The real lyrics: "There were voices in the corridor."

I heard: "There were horses in the corridor."


----------



## Crimcyan (Jun 12, 2022)

Tom petty, running down a dream
heard: bite my ass
Actual: rubbed my eyes

Sloan, money city maniacs: 
Heard: body covered in goat jizz
Actual: Body was covered in coke fizz


----------



## Sodasats20 (Jun 12, 2022)

Lady Gaga: po-po-po-po-po-po-po-po-poker face 
My 10 year old brain: boo-boo-boo-boo-boo-boo-boo-boo-booger face


----------



## Punk_M0nitor (Oct 12, 2022)

Schrodinger'sMeerkat said:


> His Eye is on The Sparrow...
> Actual lyrics
> "When Jesus is my portion".
> What I heard
> "When Jesus is my Porsche"


He didn’t just take the wheel. He took the whole car


----------



## Schrodinger'sMeerkat (Oct 12, 2022)

Punk_M0nitor said:


> He didn’t just take the wheel. He took the whole car


LAMO


----------



## Funeralprime (Oct 12, 2022)

Xitheon said:


> Hotel California - Eagles
> 
> The real lyrics: "There were voices in the corridor."
> 
> I heard: "There were horses in the corridor."
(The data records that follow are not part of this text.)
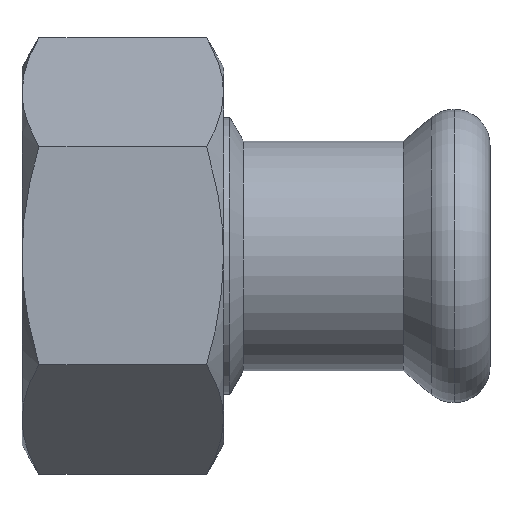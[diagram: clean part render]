
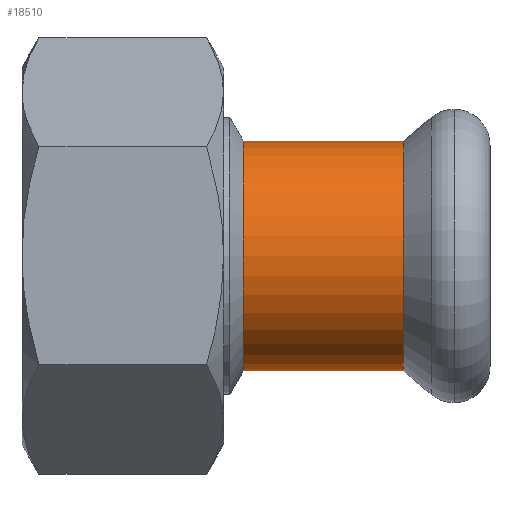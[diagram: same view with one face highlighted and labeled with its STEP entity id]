
A CAD part, top view. The second image highlights one B-rep face of the part: STEP entity #18510.
In plain terms, the highlighted cylindrical face has radius 9.125 mm (diameter 18.25 mm), a partial arc.
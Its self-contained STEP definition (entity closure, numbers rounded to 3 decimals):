
#17370=CARTESIAN_POINT('',(204.124,22.852,
0.));
#17380=VERTEX_POINT('',#17370);
#17560=CARTESIAN_POINT('',(204.124,4.602,
0.));
#17570=VERTEX_POINT('',#17560);
#17600=CARTESIAN_POINT('',(204.124,13.727,
0.));
#17610=DIRECTION('',(1.,0.,0.));
#17620=DIRECTION('',(0.,-1.,0.));
#17630=AXIS2_PLACEMENT_3D('',#17600,#17610,#17620);
#17640=CIRCLE('',#17630,9.125);
#17650=EDGE_CURVE('',#17380,#17570,#17640,.T.);
#17960=CARTESIAN_POINT('',(191.445,22.852,
0.));
#17970=VERTEX_POINT('',#17960);
#18150=CARTESIAN_POINT('',(191.445,4.602,
0.));
#18160=VERTEX_POINT('',#18150);
#18190=CARTESIAN_POINT('',(191.445,13.727,
0.));
#18200=DIRECTION('',(-1.,0.,0.));
#18210=DIRECTION('',(0.,-1.,0.));
#18220=AXIS2_PLACEMENT_3D('',#18190,#18200,#18210);
#18230=CIRCLE('',#18220,9.125);
#18290=CARTESIAN_POINT('',(198.27,13.727,
0.));
#18300=DIRECTION('',(1.,0.,0.));
#18310=DIRECTION('',(0.,-1.,0.));
#18320=AXIS2_PLACEMENT_3D('',#18290,#18300,#18310);
#18330=CYLINDRICAL_SURFACE('',#18320,9.125);
#18340=CARTESIAN_POINT('',(198.27,4.602,
0.));
#18350=DIRECTION('',(1.,0.,0.));
#18360=VECTOR('',#18350,1.);
#18370=LINE('',#18340,#18360);
#18380=EDGE_CURVE('',#18160,#17570,#18370,.T.);
#18390=ORIENTED_EDGE('',*,*,#18380,.T.);
#18400=EDGE_CURVE('',#18160,#17970,#18230,.T.);
#18410=ORIENTED_EDGE('',*,*,#18400,.F.);
#18420=CARTESIAN_POINT('',(198.27,22.852,
0.));
#18430=DIRECTION('',(1.,0.,0.));
#18440=VECTOR('',#18430,1.);
#18450=LINE('',#18420,#18440);
#18460=EDGE_CURVE('',#17970,#17380,#18450,.T.);
#18470=ORIENTED_EDGE('',*,*,#18460,.F.);
#18480=ORIENTED_EDGE('',*,*,#17650,.F.);
#18490=EDGE_LOOP('',(#18480,#18470,#18410,#18390));
#18500=FACE_OUTER_BOUND('',#18490,.T.);
#18510=ADVANCED_FACE('',(#18500),#18330,.T.);

this and also _un chinito pecando_ (a little chinese guy sinning) instead of 'then she lit up a candle'


----------



## Baron Tredegar (Oct 12, 2022)

The real lyrics: Despacito 
What I heard: Dance by the sea


----------



## Kumali (Oct 12, 2022)

Grateful Dead: Truckin'
Real lyrics: flashing marquees out on Main Street
What I heard: flashing my keys out on Main Street


----------



## a sleepy kitty (Oct 12, 2022)

Real lyrics: "Hit me with your best shot."
What I heard: "Hit me with your pet shark."


----------



## Woozle (Oct 12, 2022)

Giraffes in the air. Speaks for itself.






"I believe that the hotdogs go on."


----------



## Frank Gulotta (Nov 7, 2022)

Ohhh nooo not enough noodle. The nightly seed is losing another bassist.


----------



## Amepix Will Win (Nov 7, 2022)

misheard lyrics: Leather pants dipped in honey
Actual lyrics: Leather and lace, kicking some booty

The song: Sonic CD theme, known as You Can Do Anything or Toot Toot Sonic Warrior


----------



## Kit H. Ruppell (Nov 8, 2022)

"Dookie love? Are you sure?"


----------



## RubberfemAsriel (Nov 8, 2022)

Punk_M0nitor said:


> _... Need I say more?_


I thought that where are up all Mexican lucky was what about Mexican loki.


----------



## RamblingRenegade (Nov 8, 2022)

I mean in country you can just change lyrics to the same song and its a hit, and since 8 years ago I'm sure more have used this tune


----------



## Woozle (Nov 8, 2022)

When fuck your brother, he really wrong.

***

Don't suck it yet, no suck in sleep?


----------



## a sleepy kitty (Nov 8, 2022)

Real song: "We're up all night to get lucky."

Misheard lyrics: "We rub a Mexican monkey."


----------



## PanthersForFun (Nov 17, 2022)

a sleepy kitty said:


> Real song: "We're up all night to get lucky."
> 
> Misheard lyrics: "We rub a Mexican monkey."


I used to hear "We're up all night to get funky."


----------



## Kumali (Nov 22, 2022)

Rocky Road (The Alabama Sacred Harp Singers, from the Harry Smith Anthology of American Folk Music)

Real lyrics: "I'm traveling a mighty rocky road"

What I heard: "God damn it, it's a mighty rocky road"

Hear for yourself:


----------



## Sodasats20 (Nov 22, 2022)




----------



## a sleepy kitty (Dec 9, 2022)

Real song: "Secret agent man. Secret agent man."

Misheard lyrics: "Secret Asian man. Secret Asian man."


----------